Write out nothing except the lines of the entries below, from the first through the one containing "[elements in it])", exactly and without pictures.
● ● ● ● ● ● ●
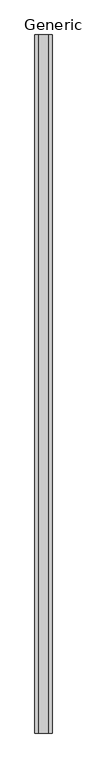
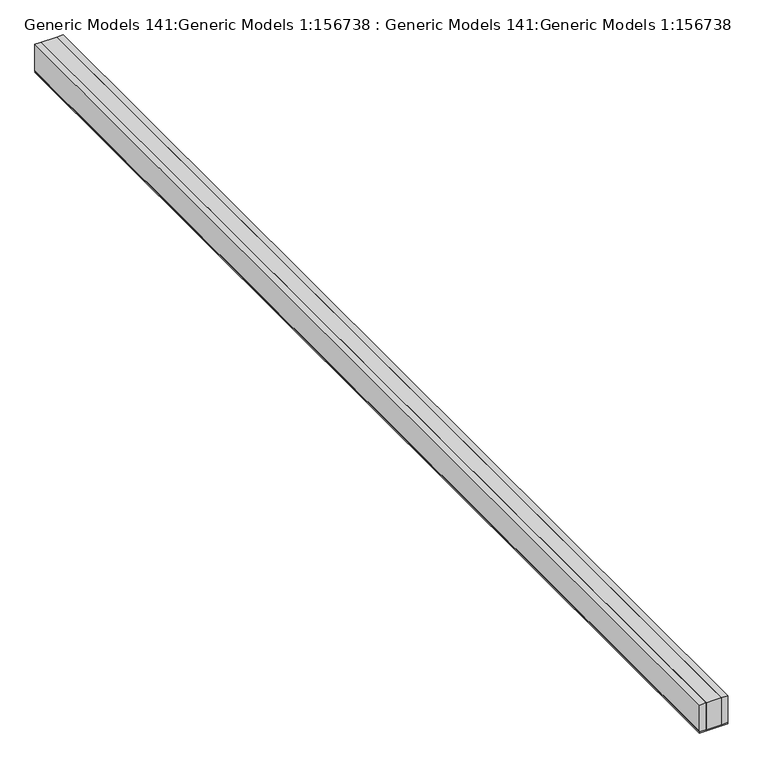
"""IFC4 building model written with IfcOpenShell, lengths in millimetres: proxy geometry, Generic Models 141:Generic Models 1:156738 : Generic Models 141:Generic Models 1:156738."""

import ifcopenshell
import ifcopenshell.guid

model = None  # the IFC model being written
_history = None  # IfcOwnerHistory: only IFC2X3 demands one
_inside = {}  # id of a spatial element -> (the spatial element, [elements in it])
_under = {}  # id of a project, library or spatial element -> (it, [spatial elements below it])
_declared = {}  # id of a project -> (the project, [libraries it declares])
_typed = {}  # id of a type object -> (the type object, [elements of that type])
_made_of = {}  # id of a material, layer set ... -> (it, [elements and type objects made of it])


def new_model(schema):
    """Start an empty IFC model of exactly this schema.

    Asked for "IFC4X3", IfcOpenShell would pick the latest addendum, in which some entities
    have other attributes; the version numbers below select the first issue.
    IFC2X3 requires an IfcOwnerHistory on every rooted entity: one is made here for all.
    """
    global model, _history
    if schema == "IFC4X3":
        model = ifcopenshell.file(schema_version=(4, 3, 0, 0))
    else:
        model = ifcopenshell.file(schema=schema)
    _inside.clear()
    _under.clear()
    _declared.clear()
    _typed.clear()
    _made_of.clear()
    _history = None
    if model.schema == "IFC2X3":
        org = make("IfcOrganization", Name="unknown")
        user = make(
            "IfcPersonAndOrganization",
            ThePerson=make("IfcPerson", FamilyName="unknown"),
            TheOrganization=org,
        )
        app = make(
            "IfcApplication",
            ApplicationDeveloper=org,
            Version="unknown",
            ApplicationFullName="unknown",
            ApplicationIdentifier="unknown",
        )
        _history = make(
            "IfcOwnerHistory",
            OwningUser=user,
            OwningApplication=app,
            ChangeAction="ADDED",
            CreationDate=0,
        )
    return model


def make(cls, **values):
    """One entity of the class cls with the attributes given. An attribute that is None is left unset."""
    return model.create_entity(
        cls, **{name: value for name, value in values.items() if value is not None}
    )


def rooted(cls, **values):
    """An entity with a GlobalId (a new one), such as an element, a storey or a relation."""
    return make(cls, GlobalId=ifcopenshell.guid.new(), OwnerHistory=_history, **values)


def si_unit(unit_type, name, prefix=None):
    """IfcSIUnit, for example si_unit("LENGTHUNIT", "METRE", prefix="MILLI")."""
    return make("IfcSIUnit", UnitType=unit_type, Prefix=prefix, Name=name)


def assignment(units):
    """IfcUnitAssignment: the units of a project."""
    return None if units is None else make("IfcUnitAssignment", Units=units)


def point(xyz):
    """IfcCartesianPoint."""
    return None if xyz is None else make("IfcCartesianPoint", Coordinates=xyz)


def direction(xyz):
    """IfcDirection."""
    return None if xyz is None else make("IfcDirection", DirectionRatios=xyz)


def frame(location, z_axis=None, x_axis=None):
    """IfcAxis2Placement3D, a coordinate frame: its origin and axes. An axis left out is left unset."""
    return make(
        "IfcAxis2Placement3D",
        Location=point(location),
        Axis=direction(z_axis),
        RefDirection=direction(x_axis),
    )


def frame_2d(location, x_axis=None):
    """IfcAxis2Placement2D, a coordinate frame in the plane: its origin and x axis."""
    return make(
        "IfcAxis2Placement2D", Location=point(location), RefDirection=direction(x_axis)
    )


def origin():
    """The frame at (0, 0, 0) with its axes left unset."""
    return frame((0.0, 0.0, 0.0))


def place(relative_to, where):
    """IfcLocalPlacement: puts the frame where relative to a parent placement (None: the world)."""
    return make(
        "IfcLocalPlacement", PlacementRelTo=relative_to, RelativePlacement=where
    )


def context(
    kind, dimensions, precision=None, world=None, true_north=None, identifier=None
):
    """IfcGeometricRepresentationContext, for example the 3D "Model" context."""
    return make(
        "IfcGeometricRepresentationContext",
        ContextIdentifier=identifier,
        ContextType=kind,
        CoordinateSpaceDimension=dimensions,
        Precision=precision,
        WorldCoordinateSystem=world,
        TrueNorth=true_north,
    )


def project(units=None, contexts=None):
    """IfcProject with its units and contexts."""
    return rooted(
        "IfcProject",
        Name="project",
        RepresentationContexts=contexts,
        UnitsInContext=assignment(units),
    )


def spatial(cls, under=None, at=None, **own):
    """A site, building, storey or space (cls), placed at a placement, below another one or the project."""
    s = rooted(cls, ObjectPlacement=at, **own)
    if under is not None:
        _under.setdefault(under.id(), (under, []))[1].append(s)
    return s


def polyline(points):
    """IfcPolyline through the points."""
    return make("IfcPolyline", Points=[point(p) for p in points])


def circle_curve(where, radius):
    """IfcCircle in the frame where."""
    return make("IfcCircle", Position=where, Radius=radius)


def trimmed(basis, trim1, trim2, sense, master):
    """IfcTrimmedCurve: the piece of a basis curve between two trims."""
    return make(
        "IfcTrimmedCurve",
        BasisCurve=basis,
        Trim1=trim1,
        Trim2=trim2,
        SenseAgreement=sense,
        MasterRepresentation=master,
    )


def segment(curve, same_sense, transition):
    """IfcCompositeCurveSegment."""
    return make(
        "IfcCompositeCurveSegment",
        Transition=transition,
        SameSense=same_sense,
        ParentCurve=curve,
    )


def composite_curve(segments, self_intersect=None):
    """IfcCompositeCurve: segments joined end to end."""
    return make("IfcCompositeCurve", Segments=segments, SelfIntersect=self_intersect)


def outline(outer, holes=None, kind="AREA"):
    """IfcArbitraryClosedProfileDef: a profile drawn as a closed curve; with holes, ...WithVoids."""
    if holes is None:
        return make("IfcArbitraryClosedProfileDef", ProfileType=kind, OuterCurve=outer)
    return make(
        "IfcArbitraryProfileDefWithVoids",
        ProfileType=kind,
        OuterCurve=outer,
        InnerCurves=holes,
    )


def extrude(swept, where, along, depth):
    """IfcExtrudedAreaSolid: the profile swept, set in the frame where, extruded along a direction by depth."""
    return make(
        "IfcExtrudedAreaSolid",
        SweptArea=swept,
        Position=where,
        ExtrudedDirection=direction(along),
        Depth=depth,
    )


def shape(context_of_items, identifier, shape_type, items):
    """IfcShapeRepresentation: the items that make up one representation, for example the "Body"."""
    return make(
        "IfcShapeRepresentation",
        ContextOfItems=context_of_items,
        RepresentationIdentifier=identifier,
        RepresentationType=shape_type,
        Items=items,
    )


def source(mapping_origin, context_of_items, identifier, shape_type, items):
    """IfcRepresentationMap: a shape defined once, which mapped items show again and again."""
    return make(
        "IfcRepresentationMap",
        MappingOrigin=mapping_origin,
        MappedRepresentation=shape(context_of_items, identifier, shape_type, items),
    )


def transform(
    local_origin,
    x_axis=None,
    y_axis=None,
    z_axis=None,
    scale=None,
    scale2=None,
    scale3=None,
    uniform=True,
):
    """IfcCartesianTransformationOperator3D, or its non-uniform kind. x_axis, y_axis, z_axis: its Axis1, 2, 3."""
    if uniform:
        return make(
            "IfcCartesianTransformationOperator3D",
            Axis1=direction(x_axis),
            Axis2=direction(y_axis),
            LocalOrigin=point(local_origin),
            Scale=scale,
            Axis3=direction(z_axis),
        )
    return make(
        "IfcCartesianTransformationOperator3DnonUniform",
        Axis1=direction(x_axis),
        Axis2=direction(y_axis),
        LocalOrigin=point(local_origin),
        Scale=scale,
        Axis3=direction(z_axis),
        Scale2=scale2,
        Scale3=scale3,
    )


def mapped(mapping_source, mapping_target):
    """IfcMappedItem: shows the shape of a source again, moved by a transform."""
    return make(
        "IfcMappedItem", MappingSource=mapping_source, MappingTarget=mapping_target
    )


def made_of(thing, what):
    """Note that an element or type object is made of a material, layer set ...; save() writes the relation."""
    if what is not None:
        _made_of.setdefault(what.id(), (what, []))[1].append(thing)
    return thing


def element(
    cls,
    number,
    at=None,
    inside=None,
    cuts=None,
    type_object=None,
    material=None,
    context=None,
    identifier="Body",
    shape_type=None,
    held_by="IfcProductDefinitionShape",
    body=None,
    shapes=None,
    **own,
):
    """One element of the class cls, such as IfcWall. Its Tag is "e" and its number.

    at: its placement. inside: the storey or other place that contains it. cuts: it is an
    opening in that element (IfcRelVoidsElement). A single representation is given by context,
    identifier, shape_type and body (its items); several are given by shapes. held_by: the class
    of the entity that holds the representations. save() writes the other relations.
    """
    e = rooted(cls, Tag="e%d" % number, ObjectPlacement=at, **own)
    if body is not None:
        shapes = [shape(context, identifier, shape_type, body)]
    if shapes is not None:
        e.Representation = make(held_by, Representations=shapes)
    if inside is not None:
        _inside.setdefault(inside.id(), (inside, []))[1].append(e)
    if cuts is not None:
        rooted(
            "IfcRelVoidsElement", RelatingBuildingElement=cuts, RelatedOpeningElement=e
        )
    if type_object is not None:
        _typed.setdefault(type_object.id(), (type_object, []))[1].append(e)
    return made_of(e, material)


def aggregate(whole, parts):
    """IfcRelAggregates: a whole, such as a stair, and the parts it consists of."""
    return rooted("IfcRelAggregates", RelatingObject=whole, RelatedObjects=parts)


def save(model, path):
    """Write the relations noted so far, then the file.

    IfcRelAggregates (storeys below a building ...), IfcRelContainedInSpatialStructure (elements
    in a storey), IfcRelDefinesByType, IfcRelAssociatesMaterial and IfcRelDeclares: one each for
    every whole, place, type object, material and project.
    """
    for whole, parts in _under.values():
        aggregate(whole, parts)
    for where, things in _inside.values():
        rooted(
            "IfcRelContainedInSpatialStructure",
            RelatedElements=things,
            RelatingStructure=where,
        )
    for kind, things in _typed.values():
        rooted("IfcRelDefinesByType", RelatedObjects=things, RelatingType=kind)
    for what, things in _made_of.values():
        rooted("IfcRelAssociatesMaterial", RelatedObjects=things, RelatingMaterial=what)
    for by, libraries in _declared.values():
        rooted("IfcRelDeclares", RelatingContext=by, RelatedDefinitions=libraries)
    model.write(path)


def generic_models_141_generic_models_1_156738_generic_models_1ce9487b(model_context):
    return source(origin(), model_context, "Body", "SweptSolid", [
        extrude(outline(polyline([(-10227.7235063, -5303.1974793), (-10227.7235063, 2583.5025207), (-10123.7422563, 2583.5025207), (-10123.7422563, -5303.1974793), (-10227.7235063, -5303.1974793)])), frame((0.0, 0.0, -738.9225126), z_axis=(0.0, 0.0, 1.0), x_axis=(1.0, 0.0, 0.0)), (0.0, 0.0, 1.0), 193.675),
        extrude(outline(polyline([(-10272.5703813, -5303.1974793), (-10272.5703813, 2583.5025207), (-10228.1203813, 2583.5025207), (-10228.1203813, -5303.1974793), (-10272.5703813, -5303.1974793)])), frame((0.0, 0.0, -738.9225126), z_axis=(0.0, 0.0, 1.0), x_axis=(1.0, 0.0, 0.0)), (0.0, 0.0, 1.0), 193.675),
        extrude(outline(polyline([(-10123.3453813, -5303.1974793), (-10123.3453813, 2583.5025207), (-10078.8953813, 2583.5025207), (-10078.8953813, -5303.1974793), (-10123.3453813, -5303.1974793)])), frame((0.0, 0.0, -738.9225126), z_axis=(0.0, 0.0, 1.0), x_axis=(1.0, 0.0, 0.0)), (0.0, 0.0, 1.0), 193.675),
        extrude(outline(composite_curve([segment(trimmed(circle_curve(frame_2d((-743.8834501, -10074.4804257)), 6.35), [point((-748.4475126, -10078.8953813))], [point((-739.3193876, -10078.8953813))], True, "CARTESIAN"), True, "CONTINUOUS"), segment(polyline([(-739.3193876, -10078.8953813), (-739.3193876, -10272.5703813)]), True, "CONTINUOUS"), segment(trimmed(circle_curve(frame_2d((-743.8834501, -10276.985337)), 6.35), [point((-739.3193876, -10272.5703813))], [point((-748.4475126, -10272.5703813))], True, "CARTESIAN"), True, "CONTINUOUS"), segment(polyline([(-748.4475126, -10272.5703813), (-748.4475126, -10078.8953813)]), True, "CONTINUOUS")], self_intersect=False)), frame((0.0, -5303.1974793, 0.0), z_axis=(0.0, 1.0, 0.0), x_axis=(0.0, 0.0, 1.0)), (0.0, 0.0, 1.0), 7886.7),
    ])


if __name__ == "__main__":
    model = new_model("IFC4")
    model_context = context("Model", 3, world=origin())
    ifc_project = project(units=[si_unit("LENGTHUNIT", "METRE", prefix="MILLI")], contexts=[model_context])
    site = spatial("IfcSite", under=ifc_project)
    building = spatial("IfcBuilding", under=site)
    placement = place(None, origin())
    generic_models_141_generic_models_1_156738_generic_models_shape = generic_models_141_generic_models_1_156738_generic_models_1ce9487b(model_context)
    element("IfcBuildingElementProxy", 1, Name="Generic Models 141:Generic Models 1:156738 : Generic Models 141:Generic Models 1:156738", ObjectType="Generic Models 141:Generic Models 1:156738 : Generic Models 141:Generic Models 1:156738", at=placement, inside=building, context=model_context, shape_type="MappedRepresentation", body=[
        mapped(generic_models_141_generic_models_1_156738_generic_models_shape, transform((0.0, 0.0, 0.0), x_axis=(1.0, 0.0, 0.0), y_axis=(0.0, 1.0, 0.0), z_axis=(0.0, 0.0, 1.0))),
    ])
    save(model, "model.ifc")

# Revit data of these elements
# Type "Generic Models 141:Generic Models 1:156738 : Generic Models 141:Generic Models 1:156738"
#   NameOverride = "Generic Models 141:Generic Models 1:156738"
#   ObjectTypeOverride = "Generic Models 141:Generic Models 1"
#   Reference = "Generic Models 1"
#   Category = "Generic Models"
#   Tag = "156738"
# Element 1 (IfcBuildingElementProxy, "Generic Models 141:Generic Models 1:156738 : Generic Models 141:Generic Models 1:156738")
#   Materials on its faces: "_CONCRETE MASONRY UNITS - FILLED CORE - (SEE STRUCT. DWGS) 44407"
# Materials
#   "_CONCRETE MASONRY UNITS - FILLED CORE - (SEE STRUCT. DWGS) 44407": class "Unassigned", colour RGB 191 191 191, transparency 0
● ● ● ● ● ● ●
> [Exercise solution]
"""IFC4 building model written with IfcOpenShell, lengths in millimetres: proxy geometry, Generic Models 141:Generic Models 1:156738 : Generic Models 141:Generic Models 1:156738."""

import ifcopenshell
import ifcopenshell.guid

model = None  # the IFC model being written
_history = None  # IfcOwnerHistory: only IFC2X3 demands one
_inside = {}  # id of a spatial element -> (the spatial element, [elements in it])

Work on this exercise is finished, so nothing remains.